Mine is twenty. I ask other people why they chose the age they do and what usually happens is that they go straight back to a time when they feel free, either a time before they had children, in my case I didn’t have children at 20, I had my son at 21. For me, I tap back into that age when I didn’t have responsibilities. That freedom, that recklessness, all those feelings from before I had to be responsible. I feel that way again now that my kids have grown up, I feel that spirit within me. It’s pretty exhilarating and I actually forget that I am fifty something.
What are you excited about for next year?

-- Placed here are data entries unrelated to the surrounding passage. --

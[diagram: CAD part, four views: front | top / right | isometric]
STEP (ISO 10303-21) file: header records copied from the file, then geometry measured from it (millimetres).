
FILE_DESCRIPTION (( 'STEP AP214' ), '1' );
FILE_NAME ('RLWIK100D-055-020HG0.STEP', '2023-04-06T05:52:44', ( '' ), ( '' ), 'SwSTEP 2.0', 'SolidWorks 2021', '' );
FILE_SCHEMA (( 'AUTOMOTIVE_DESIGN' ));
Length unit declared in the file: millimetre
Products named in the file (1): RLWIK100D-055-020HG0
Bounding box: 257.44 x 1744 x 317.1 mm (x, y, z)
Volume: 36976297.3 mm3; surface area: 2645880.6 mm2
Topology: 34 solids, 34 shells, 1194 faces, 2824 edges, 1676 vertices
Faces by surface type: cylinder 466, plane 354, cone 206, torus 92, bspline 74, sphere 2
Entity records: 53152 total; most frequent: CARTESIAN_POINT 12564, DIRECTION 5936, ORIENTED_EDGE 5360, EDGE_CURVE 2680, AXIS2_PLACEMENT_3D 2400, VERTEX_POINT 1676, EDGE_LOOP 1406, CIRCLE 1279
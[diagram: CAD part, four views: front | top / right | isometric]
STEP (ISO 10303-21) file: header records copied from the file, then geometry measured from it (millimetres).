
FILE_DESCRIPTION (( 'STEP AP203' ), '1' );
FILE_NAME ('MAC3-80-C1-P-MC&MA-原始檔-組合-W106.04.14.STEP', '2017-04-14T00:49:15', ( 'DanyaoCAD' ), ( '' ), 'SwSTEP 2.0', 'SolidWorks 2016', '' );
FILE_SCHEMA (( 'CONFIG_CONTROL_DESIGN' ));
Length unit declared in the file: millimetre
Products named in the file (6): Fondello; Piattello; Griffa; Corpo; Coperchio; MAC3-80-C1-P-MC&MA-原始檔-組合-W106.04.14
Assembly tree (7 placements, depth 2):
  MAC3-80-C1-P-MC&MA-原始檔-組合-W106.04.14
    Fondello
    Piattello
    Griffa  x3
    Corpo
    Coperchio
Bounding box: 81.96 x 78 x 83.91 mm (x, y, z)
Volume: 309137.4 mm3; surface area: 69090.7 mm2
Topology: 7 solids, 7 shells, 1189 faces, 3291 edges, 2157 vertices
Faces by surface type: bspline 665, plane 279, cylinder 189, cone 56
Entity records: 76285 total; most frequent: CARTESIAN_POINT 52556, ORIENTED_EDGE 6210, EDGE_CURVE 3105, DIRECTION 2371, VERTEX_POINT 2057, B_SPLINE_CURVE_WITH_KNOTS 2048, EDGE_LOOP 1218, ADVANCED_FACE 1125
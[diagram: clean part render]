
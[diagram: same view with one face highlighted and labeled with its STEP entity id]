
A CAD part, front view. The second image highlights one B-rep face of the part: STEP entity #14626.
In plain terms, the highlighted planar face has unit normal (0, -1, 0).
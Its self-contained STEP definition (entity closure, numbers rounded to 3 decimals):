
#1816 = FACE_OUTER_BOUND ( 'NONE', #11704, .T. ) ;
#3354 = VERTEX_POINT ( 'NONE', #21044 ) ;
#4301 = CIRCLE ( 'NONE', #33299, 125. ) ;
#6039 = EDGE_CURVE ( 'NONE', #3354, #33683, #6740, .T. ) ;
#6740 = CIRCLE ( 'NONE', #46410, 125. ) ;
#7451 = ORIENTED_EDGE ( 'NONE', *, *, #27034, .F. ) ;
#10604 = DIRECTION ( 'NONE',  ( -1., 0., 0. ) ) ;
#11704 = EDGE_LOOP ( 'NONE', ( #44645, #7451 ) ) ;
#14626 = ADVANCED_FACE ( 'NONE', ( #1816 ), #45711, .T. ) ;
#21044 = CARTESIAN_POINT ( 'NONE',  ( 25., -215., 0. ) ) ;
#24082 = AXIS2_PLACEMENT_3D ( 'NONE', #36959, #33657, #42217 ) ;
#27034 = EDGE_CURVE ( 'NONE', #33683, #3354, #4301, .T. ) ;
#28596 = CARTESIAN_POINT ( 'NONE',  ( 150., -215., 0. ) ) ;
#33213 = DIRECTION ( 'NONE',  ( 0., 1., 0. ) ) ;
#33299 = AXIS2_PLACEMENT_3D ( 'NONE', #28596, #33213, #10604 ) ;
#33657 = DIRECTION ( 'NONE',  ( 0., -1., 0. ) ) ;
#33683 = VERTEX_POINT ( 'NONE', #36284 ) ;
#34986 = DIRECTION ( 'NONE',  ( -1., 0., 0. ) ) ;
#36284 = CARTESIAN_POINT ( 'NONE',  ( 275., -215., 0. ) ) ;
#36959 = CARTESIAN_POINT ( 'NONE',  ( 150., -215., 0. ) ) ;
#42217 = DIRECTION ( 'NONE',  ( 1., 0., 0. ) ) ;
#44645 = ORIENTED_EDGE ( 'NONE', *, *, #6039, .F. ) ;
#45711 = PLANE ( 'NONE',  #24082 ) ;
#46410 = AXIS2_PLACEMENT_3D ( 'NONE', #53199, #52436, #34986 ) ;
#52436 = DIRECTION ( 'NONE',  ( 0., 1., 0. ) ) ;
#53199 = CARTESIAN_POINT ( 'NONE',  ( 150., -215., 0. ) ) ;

Girl Undiscovered is pretty much my life right now. I can’t name names there are some exciting things in the pipeline. It’s about getting the brand really strong, really work on what is Girl Undiscovered. I want to do so much…I panic that I can’t fit it all in. I see films, zines, campaigns that no one has ever seen before, endless photography that continues to spill our story. I just want to disrupt. Somehow. Anyhow. I want to talk to as many girls in the world as I possibly can because I feel that there’s so much power to that. I guess as a photographer I have shot so many women, thousands and you have this intimate time with them, you see how vulnerable people are and what makes them feel good. For me as a photographer that was always my job, as soon as someone walked in I needed to make them look good and feel absolutely fucking amazing. I think that taking care of other people and understanding women and their vulnerabilities are such a big part of me as a human being that extends into my life as a photographer and I just pour all of this into the brand. It’s second nature. The biggest challenge we have now is just not sounding like another marketing cliché because ‘empowering’ women is so on trend right now. For us, it’s about keeping the integrity, the life force and the authenticity of our brand.
I know if I just keep tapping into my own personal experiences that this will just keep flowing effortlessly and even I don’t know what I am capable of next.
What’s next….?
I want our brand to be global and for everyone to understand what authenticity actually looks like. I love the fact that I come from this little place called New Zealand where we were the first women in the world to get the vote. There’s just so much power and mana in that.
I just want to do the best I can possibly do and just keep getting better and better and do our suffragette predecessors proud.